Task: Where does the word "source" show up in the records? Copy every line that holds it.

Provided entries:

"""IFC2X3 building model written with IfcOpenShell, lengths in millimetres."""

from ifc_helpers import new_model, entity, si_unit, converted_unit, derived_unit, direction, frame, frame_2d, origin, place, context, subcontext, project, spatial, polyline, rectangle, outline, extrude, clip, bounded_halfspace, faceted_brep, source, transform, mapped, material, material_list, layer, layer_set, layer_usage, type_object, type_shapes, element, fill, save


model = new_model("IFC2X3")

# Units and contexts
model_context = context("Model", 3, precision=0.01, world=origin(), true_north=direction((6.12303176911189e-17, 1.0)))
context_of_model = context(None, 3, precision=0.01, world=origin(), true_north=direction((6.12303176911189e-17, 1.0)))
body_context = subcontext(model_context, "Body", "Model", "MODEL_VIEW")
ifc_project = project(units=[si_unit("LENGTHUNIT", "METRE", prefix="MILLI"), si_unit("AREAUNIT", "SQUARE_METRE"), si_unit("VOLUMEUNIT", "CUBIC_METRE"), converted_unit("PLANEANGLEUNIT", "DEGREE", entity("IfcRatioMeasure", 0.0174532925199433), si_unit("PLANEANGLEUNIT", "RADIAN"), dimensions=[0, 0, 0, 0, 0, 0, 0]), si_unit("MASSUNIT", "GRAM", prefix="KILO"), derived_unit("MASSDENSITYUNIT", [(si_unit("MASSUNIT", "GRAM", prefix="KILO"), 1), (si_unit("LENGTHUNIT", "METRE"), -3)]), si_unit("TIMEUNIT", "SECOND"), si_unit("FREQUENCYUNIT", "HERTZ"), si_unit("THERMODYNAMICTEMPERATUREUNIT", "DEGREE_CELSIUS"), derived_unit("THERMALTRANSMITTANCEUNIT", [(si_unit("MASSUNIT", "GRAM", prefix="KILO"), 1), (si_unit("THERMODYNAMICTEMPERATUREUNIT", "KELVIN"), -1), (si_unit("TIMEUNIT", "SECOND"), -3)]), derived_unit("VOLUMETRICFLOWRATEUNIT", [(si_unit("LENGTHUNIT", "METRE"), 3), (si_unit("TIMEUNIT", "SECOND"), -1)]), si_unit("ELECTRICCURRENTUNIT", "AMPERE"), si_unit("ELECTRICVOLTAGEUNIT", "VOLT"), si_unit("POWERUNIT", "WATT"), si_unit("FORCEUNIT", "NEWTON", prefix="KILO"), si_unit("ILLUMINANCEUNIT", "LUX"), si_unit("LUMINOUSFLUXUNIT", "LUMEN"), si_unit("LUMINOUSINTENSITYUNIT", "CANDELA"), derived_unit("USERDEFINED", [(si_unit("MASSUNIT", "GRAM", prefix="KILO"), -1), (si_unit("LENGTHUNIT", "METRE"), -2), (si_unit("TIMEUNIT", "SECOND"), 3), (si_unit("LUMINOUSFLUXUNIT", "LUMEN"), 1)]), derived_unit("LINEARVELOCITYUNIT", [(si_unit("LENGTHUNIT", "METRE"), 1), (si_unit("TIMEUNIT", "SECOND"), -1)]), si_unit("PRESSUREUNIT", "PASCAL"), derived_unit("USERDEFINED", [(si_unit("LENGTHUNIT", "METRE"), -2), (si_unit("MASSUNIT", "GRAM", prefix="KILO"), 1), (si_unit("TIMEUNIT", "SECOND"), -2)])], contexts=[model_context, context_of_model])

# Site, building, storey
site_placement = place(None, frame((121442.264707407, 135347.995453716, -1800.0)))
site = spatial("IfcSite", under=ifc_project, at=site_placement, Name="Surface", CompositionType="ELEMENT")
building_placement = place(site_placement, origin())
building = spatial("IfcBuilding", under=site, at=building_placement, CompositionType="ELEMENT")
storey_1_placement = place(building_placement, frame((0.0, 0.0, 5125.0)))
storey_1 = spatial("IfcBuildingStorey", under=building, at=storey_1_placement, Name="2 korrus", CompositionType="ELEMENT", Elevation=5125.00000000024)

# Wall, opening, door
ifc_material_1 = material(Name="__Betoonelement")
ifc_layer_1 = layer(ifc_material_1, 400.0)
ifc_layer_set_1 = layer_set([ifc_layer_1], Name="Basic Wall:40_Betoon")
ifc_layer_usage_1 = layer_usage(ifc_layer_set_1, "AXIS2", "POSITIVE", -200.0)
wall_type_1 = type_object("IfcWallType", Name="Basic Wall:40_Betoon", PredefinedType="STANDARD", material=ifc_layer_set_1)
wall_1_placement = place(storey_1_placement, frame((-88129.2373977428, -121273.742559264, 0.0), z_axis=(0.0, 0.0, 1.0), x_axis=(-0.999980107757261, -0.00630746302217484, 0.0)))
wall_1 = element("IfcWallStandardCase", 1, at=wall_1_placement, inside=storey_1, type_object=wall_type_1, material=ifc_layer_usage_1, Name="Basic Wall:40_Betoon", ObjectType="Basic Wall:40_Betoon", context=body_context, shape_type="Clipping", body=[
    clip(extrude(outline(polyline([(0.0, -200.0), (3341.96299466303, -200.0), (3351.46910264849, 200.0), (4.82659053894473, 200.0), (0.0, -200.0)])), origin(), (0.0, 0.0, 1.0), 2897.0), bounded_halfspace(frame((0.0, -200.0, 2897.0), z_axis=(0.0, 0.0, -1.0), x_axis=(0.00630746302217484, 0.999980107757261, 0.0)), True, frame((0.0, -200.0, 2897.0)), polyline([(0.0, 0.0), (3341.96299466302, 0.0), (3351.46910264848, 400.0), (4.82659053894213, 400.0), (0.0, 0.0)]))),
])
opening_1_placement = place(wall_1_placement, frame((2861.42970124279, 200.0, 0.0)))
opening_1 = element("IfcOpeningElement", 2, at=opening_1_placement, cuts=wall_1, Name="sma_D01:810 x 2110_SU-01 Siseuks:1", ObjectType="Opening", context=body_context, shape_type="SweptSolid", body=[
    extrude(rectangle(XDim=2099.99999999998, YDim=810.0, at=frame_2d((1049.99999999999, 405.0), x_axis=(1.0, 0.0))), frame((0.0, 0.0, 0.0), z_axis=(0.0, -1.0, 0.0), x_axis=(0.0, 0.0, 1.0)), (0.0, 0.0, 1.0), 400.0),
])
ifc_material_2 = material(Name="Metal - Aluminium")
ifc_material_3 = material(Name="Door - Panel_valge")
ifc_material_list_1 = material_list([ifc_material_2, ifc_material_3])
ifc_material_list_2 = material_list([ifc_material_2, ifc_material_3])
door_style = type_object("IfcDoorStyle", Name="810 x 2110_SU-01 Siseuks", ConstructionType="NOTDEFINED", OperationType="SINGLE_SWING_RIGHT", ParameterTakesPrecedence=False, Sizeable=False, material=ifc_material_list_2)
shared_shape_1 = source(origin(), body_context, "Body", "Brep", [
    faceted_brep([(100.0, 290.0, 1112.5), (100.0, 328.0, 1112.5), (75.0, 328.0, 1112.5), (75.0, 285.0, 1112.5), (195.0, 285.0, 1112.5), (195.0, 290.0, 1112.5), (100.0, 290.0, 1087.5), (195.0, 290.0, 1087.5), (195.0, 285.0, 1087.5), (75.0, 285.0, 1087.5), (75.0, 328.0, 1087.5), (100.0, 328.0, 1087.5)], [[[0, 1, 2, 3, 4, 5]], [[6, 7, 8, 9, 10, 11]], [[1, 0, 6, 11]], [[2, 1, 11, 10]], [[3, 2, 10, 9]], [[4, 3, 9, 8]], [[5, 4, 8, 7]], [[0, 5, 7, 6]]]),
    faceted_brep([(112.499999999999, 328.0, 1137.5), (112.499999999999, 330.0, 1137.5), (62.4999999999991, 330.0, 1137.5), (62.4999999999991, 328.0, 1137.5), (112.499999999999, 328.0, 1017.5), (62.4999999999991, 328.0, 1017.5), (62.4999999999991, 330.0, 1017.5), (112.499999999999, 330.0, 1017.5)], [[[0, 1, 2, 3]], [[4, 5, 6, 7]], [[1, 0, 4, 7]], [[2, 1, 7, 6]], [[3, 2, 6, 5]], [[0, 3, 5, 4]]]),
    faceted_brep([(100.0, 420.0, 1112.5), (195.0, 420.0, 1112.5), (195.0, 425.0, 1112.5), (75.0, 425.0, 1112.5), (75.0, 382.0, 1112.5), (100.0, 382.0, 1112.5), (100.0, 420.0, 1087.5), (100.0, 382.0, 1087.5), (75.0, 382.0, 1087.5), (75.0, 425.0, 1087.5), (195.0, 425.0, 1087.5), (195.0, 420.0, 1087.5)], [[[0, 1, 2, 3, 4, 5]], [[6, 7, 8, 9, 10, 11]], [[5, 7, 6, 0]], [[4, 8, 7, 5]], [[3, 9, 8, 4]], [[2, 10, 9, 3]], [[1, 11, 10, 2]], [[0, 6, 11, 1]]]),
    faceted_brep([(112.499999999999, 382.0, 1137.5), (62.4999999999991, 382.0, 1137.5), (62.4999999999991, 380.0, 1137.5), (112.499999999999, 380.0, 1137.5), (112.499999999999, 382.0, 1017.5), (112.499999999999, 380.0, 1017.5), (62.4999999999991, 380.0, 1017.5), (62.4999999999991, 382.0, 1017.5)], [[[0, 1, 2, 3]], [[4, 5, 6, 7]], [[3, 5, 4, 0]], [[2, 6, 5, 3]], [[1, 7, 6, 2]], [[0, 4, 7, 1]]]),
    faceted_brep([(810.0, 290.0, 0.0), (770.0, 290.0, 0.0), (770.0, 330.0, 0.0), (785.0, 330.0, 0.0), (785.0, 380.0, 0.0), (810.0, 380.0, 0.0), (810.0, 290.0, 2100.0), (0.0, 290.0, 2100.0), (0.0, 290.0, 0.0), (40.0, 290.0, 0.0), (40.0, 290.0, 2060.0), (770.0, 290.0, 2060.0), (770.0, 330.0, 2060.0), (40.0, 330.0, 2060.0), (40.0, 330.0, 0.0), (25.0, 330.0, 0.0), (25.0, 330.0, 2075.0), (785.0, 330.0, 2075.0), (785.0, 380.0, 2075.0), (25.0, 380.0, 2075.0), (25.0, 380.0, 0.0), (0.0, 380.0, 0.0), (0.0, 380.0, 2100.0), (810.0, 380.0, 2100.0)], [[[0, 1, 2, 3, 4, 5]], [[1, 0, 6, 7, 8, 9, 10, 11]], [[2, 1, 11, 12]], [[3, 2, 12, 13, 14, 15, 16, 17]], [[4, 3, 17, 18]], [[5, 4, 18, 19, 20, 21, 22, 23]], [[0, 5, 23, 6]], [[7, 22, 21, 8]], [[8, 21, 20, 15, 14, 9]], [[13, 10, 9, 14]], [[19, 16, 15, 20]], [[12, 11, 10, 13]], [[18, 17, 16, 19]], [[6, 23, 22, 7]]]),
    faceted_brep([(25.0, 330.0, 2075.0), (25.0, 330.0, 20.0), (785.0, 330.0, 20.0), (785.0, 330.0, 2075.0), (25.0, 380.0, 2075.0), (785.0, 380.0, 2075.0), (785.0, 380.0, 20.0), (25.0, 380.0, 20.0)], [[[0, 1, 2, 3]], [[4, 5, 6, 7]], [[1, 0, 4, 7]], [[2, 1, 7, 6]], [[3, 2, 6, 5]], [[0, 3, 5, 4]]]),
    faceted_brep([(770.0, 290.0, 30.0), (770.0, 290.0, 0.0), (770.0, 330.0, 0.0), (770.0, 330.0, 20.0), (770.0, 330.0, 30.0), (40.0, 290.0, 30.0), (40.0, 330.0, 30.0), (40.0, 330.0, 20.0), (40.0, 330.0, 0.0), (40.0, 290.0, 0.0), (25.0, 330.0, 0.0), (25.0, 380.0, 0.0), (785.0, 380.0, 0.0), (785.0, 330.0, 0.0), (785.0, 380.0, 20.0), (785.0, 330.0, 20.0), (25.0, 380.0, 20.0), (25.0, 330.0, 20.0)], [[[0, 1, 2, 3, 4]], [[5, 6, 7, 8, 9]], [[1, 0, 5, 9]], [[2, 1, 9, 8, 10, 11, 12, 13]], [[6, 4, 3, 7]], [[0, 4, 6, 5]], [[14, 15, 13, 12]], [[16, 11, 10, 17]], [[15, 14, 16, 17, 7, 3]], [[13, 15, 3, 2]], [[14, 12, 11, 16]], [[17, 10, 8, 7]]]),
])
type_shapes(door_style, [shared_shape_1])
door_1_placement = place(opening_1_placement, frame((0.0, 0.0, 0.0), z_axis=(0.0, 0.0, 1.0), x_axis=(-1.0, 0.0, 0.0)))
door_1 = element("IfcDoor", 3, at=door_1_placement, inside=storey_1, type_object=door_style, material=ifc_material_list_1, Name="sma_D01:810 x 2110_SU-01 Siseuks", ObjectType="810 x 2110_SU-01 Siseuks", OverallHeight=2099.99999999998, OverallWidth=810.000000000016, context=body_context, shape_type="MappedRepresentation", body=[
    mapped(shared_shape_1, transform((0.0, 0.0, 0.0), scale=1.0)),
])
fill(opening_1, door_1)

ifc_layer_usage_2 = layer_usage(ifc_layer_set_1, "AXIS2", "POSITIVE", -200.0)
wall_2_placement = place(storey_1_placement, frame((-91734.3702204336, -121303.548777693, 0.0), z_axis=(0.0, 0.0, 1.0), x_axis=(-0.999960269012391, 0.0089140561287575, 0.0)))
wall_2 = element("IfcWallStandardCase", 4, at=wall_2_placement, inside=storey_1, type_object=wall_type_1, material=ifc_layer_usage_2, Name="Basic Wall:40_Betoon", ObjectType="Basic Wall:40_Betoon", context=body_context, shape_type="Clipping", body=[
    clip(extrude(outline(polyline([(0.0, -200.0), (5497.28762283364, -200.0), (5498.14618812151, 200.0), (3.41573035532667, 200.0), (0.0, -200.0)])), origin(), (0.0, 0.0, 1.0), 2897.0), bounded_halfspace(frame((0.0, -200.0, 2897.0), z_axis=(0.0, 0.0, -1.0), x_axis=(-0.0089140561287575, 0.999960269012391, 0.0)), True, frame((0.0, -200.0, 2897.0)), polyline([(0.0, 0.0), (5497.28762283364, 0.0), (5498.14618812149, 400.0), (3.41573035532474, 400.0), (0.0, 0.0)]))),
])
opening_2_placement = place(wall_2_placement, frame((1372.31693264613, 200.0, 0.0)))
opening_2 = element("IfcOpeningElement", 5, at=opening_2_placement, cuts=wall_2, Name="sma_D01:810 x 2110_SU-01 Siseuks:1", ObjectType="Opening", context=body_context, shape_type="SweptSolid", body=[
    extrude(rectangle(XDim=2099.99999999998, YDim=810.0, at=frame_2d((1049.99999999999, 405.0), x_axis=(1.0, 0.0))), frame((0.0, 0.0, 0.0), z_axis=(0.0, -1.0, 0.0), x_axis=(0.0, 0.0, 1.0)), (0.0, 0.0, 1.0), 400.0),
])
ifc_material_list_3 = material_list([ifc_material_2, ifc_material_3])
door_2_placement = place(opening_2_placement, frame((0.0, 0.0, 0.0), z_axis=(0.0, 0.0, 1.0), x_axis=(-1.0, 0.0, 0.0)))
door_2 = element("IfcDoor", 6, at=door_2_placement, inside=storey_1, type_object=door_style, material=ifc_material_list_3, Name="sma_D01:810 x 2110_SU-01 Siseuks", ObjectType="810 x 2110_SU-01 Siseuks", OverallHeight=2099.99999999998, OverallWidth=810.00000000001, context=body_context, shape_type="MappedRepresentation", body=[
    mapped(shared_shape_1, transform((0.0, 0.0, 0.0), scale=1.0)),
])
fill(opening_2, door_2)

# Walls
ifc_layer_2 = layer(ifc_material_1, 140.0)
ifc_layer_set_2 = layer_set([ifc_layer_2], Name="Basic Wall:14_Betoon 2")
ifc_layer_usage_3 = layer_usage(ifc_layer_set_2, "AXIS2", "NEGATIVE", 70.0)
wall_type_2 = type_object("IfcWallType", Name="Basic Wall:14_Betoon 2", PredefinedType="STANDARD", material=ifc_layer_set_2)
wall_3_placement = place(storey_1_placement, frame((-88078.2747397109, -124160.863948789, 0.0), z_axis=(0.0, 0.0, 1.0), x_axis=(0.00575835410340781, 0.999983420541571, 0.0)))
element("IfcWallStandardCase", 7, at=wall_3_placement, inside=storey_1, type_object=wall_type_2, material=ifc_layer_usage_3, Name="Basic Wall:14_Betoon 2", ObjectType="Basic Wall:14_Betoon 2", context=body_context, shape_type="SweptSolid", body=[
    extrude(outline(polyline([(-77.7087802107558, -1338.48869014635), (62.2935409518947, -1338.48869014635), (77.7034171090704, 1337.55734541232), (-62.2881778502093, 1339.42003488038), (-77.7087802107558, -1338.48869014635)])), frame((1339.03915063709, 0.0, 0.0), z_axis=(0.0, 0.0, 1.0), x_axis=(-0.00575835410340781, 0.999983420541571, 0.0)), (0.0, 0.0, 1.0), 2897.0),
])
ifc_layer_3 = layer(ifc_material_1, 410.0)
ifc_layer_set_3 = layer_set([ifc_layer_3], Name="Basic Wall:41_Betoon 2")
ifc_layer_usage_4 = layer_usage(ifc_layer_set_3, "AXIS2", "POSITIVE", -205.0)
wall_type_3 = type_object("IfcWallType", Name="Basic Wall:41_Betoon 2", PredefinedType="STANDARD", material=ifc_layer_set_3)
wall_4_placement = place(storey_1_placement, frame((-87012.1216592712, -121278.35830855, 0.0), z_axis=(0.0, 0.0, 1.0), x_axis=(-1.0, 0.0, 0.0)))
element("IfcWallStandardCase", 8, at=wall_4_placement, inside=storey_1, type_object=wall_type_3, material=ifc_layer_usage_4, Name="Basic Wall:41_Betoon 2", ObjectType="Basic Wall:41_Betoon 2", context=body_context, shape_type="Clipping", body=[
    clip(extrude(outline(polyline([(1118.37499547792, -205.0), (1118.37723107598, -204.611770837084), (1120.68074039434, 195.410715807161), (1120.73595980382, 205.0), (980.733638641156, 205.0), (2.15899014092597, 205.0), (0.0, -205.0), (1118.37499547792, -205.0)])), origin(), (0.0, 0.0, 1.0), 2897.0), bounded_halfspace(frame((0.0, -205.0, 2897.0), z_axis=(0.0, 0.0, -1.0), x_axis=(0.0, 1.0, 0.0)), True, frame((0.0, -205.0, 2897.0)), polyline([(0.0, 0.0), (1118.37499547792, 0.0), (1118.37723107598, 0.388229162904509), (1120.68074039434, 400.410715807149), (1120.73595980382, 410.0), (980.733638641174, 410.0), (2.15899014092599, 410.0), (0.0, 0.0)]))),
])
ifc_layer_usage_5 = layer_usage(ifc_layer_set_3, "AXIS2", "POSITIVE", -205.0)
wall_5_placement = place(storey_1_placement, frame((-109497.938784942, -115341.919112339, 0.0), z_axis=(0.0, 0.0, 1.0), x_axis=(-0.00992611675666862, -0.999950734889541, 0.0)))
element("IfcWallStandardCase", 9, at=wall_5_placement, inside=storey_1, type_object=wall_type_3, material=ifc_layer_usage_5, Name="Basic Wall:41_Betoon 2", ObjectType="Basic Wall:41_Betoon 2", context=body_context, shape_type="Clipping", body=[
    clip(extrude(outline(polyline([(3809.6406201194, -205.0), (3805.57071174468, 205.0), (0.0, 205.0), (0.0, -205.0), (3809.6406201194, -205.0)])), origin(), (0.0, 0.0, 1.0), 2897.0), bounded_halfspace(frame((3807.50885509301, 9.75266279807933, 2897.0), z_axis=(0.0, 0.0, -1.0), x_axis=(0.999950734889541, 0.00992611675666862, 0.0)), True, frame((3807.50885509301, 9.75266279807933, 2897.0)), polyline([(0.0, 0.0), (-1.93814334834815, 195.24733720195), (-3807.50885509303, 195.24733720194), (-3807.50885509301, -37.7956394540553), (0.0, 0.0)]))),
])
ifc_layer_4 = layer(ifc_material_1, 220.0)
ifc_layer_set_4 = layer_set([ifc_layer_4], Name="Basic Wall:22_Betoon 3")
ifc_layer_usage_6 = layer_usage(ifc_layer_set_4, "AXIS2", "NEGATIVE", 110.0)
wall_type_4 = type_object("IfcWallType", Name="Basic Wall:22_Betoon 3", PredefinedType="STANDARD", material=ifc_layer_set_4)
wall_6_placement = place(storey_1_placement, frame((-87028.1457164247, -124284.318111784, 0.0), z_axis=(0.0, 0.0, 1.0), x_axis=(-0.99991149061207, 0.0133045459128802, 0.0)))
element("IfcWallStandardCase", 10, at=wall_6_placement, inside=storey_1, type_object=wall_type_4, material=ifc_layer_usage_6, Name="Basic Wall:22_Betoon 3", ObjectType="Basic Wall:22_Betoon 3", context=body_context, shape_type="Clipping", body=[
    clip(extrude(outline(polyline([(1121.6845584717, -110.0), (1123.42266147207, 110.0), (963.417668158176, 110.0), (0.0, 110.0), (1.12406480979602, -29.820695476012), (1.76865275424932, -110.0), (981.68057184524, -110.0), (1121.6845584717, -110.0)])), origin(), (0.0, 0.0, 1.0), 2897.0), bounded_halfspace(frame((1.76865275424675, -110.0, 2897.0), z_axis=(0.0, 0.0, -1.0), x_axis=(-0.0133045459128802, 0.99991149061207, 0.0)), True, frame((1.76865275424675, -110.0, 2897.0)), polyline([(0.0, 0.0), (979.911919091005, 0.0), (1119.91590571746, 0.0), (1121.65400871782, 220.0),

Response to this exercise:
from ifc_helpers import new_model, entity, si_unit, converted_unit, derived_unit, direction, frame, frame_2d, origin, place, context, subcontext, project, spatial, polyline, rectangle, outline, extrude, clip, bounded_halfspace, faceted_brep, source, transform, mapped, material, material_list, layer, layer_set, layer_usage, type_object, type_shapes, element, fill, save
shared_shape_1 = source(origin(), body_context, "Body", "Brep", [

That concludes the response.